== Exercise objective ==
Each entry must appear again exactly as it does in the source.

== Given information ==

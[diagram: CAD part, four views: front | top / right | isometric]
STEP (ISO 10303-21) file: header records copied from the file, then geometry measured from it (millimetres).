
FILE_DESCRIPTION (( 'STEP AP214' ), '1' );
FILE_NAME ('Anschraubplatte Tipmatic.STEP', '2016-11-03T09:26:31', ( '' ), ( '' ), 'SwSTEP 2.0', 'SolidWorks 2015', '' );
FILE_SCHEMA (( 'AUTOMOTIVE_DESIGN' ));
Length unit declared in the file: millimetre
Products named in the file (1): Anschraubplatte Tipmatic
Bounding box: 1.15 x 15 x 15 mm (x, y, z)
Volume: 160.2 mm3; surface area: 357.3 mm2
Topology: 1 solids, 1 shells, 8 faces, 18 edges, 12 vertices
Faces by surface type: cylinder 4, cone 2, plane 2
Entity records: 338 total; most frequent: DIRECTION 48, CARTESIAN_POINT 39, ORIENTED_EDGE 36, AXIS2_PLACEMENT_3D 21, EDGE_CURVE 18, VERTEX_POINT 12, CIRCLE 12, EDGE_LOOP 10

== Result of this exercise ==
[diagram: CAD part, four views: front | top / right | isometric]
STEP (ISO 10303-21) file: header records copied from the file, then geometry measured from it (millimetres).
FILE_DESCRIPTION (( 'STEP AP214' ), '1' );
FILE_NAME ('Anschraubplatte Tipmatic.STEP', '2016-11-03T09:26:31', ( '' ), ( '' ), 'SwSTEP 2.0', 'SolidWorks 2015', '' );
FILE_SCHEMA (( 'AUTOMOTIVE_DESIGN' ));
Length unit declared in the file: millimetre
Products named in the file (1): Anschraubplatte Tipmatic
Bounding box: 1.15 x 15 x 15 mm (x, y, z)
Volume: 160.2 mm3; surface area: 357.3 mm2
Topology: 1 solids, 1 shells, 8 faces, 18 edges, 12 vertices
Faces by surface type: cylinder 4, cone 2, plane 2
Entity records: 338 total; most frequent: DIRECTION 48, CARTESIAN_POINT 39, ORIENTED_EDGE 36, AXIS2_PLACEMENT_3D 21, EDGE_CURVE 18, VERTEX_POINT 12, CIRCLE 12, EDGE_LOOP 10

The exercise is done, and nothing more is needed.